== Information supplied

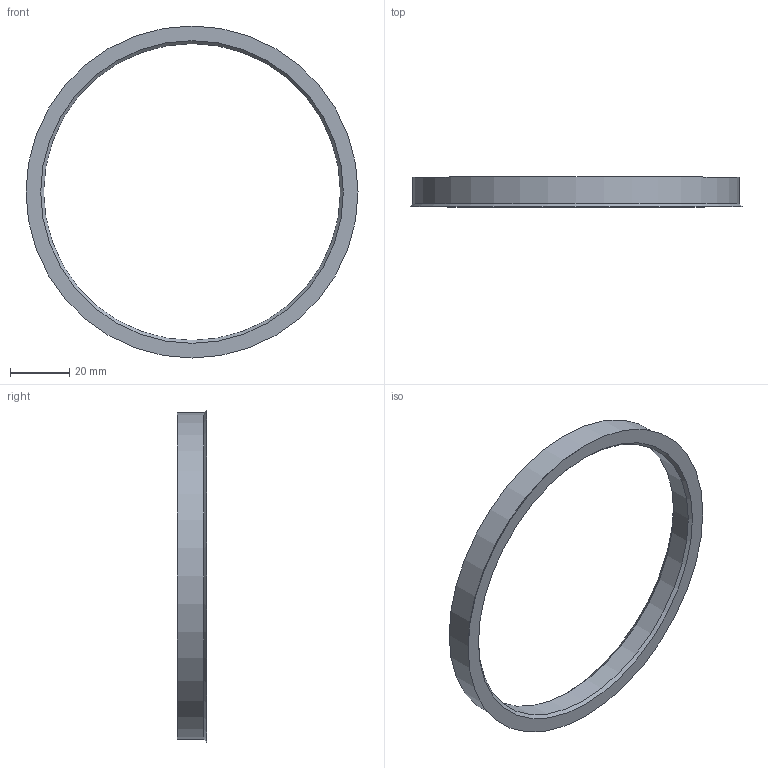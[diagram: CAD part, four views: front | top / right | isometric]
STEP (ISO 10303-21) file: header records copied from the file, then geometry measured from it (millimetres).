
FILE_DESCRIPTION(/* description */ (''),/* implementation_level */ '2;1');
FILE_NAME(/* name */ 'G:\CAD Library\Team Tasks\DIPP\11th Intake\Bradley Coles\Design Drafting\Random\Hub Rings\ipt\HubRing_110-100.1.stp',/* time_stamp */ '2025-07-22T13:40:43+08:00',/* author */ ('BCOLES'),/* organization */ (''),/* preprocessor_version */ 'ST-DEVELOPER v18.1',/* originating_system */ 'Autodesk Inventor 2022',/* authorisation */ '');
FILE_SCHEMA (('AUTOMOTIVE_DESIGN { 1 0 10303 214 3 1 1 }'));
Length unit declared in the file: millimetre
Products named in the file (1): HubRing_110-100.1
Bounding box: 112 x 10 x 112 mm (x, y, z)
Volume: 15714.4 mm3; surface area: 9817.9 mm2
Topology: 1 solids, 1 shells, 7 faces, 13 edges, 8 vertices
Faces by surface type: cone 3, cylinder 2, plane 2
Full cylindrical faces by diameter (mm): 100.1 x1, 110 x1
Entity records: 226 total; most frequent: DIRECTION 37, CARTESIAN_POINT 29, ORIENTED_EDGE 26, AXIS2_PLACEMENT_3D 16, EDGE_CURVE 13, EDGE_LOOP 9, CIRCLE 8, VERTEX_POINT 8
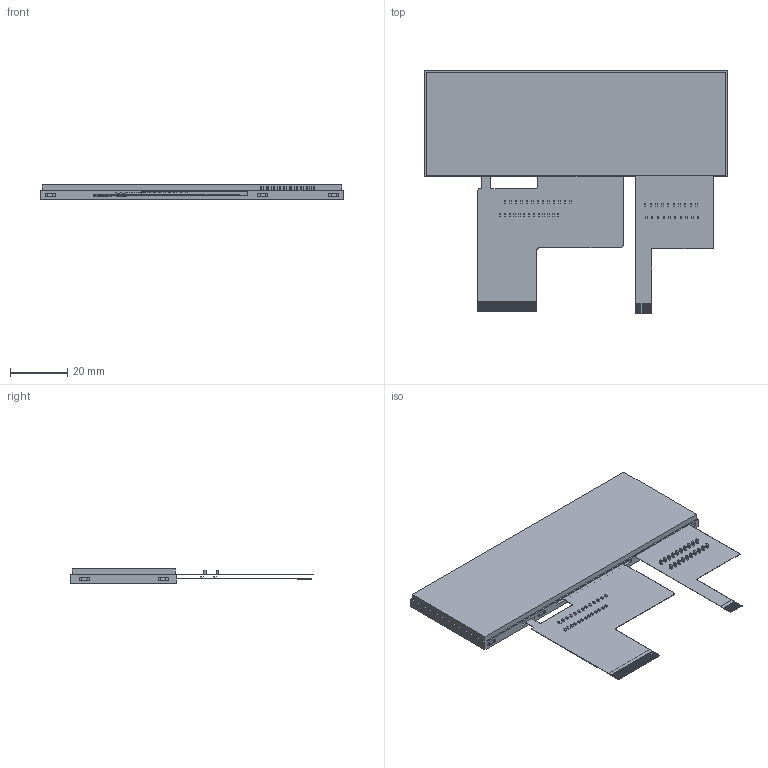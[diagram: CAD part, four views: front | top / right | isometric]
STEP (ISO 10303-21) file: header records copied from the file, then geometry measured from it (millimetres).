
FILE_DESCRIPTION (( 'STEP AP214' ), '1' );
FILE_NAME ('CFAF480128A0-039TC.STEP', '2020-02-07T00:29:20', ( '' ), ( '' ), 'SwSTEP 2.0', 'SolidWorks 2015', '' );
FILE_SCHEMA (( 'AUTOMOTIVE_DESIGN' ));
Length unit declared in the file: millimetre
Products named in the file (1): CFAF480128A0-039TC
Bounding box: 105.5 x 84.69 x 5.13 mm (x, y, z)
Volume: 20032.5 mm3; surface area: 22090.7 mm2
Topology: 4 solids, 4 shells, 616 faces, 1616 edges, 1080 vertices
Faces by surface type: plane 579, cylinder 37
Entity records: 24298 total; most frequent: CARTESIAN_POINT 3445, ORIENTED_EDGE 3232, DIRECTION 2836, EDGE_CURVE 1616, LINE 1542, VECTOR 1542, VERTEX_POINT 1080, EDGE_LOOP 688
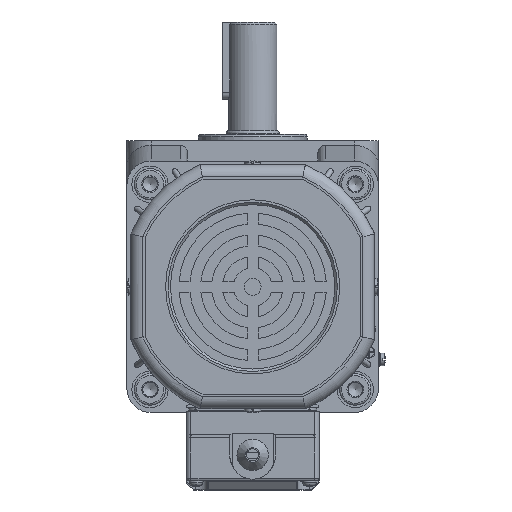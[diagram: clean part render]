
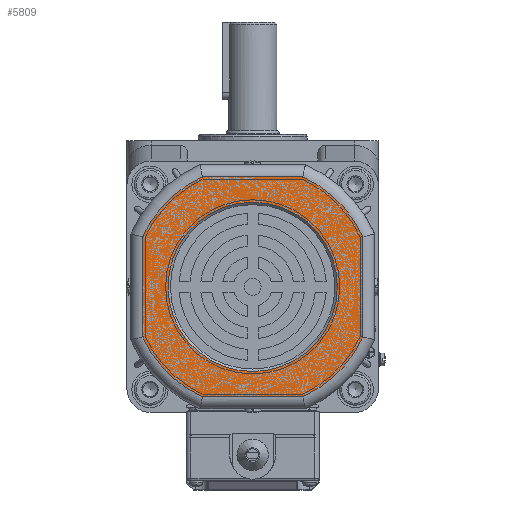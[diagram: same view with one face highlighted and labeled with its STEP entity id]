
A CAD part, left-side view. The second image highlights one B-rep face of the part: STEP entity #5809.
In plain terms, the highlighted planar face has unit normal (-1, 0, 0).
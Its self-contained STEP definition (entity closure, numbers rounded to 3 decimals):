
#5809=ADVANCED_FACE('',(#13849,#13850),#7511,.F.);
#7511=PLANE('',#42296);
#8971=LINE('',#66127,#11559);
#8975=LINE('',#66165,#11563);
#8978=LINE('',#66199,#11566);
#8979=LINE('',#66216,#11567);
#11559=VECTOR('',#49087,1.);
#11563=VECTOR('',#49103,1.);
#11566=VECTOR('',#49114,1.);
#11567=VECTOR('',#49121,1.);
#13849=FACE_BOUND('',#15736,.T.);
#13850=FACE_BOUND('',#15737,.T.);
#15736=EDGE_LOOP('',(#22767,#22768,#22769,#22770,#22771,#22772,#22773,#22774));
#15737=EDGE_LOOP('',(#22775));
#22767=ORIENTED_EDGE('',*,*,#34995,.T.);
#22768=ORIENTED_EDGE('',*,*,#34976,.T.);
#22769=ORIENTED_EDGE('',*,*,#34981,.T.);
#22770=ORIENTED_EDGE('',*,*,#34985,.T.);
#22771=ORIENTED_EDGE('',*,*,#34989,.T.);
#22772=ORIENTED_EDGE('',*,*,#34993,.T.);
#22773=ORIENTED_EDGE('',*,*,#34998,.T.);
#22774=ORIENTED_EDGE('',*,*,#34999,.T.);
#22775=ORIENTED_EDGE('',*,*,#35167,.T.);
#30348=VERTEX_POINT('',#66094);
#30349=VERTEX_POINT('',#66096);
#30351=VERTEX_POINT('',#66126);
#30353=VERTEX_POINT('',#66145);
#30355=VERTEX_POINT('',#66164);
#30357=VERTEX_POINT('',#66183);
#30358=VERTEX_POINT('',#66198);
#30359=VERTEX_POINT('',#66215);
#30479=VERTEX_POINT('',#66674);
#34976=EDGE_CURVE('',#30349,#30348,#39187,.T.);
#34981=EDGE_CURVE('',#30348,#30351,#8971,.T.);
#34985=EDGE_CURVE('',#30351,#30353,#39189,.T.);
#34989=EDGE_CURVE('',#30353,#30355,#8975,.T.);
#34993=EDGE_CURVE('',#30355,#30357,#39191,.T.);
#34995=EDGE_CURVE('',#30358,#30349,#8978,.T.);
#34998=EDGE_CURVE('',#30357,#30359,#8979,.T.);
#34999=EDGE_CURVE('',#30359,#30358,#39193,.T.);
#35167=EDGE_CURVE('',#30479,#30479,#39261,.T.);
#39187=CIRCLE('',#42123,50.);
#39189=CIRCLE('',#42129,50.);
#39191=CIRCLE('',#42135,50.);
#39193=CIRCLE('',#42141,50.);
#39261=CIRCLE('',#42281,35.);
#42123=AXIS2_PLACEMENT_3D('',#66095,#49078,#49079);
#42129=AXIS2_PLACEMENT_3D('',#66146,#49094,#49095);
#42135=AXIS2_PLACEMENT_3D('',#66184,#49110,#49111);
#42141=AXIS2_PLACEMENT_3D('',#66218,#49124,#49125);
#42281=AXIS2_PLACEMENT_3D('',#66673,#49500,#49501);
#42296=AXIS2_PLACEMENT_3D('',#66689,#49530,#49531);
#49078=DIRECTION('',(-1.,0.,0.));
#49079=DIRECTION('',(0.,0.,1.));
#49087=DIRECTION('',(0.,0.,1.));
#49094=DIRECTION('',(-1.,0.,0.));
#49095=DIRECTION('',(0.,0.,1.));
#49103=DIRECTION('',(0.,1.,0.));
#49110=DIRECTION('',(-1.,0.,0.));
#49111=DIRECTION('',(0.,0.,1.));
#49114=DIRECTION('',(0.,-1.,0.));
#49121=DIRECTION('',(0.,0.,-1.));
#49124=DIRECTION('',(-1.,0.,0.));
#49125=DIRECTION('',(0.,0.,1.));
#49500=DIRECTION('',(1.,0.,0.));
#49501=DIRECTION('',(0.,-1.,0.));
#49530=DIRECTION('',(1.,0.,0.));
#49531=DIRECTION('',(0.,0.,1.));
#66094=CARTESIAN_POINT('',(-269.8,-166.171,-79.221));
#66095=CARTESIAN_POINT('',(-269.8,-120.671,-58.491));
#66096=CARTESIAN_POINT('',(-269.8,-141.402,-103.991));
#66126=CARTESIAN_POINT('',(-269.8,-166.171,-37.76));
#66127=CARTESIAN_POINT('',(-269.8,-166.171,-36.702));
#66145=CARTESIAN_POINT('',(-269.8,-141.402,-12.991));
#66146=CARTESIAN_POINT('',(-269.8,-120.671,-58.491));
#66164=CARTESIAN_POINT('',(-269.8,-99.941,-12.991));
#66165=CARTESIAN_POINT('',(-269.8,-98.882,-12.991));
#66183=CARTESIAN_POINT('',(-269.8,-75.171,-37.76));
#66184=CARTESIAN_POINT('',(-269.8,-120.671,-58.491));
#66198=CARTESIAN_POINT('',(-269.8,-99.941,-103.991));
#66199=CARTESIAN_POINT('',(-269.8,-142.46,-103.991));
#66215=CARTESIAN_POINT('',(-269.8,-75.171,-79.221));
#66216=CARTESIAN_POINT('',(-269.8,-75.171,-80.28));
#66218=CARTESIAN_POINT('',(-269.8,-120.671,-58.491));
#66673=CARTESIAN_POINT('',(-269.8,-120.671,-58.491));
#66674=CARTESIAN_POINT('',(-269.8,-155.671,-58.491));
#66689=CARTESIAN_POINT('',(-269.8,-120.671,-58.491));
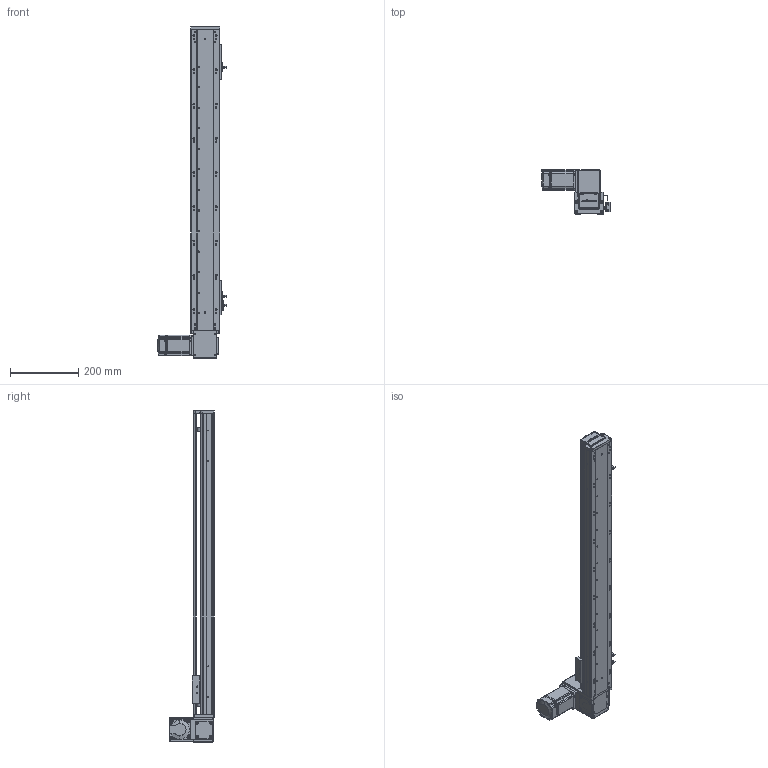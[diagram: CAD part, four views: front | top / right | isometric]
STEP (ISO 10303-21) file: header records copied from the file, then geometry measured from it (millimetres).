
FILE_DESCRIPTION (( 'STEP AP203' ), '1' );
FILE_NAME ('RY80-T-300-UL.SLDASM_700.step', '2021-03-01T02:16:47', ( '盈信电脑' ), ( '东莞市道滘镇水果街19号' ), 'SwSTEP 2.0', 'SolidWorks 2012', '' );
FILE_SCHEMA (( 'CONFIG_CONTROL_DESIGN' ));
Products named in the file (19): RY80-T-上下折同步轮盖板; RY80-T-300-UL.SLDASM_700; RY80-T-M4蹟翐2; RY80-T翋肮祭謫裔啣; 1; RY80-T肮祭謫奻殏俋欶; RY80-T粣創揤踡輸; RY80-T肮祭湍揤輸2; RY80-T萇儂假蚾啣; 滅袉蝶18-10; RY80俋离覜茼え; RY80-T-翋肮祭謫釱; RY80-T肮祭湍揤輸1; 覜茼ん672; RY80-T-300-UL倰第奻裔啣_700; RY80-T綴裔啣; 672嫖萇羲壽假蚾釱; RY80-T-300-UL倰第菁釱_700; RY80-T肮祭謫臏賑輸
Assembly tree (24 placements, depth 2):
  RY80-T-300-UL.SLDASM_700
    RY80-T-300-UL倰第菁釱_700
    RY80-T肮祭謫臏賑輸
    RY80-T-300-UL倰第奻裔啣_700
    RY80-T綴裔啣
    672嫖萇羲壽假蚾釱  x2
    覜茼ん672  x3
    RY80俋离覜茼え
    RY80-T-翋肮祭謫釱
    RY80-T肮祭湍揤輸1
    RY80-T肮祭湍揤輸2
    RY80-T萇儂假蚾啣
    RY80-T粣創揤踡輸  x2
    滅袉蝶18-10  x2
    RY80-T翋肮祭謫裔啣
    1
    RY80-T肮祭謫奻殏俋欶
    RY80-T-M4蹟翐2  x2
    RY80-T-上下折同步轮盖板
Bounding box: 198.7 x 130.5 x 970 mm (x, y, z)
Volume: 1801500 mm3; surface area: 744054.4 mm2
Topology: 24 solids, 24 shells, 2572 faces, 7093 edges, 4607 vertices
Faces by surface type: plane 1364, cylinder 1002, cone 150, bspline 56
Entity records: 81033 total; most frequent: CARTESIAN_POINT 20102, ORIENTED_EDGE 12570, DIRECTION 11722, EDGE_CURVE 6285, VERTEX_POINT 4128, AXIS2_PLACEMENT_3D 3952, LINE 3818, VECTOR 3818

====

Task:
The expected output is exactly the lines of the listing above between the line holding "#39261=CIRCLE('',#42281,35.);" and the line holding "#66216=CARTESIAN_POINT('',(-269.8,-75.171,-80.28));", inclusive.

Solution:
#39261=CIRCLE('',#42281,35.);
#42123=AXIS2_PLACEMENT_3D('',#66095,#49078,#49079);
#42129=AXIS2_PLACEMENT_3D('',#66146,#49094,#49095);
#42135=AXIS2_PLACEMENT_3D('',#66184,#49110,#49111);
#42141=AXIS2_PLACEMENT_3D('',#66218,#49124,#49125);
#42281=AXIS2_PLACEMENT_3D('',#66673,#49500,#49501);
#42296=AXIS2_PLACEMENT_3D('',#66689,#49530,#49531);
#49078=DIRECTION('',(-1.,0.,0.));
#49079=DIRECTION('',(0.,0.,1.));
#49087=DIRECTION('',(0.,0.,1.));
#49094=DIRECTION('',(-1.,0.,0.));
#49095=DIRECTION('',(0.,0.,1.));
#49103=DIRECTION('',(0.,1.,0.));
#49110=DIRECTION('',(-1.,0.,0.));
#49111=DIRECTION('',(0.,0.,1.));
#49114=DIRECTION('',(0.,-1.,0.));
#49121=DIRECTION('',(0.,0.,-1.));
#49124=DIRECTION('',(-1.,0.,0.));
#49125=DIRECTION('',(0.,0.,1.));
#49500=DIRECTION('',(1.,0.,0.));
#49501=DIRECTION('',(0.,-1.,0.));
#49530=DIRECTION('',(1.,0.,0.));
#49531=DIRECTION('',(0.,0.,1.));
#66094=CARTESIAN_POINT('',(-269.8,-166.171,-79.221));
#66095=CARTESIAN_POINT('',(-269.8,-120.671,-58.491));
#66096=CARTESIAN_POINT('',(-269.8,-141.402,-103.991));
#66126=CARTESIAN_POINT('',(-269.8,-166.171,-37.76));
#66127=CARTESIAN_POINT('',(-269.8,-166.171,-36.702));
#66145=CARTESIAN_POINT('',(-269.8,-141.402,-12.991));
#66146=CARTESIAN_POINT('',(-269.8,-120.671,-58.491));
#66164=CARTESIAN_POINT('',(-269.8,-99.941,-12.991));
#66165=CARTESIAN_POINT('',(-269.8,-98.882,-12.991));
#66183=CARTESIAN_POINT('',(-269.8,-75.171,-37.76));
#66184=CARTESIAN_POINT('',(-269.8,-120.671,-58.491));
#66198=CARTESIAN_POINT('',(-269.8,-99.941,-103.991));
#66199=CARTESIAN_POINT('',(-269.8,-142.46,-103.991));
#66215=CARTESIAN_POINT('',(-269.8,-75.171,-79.221));
#66216=CARTESIAN_POINT('',(-269.8,-75.171,-80.28));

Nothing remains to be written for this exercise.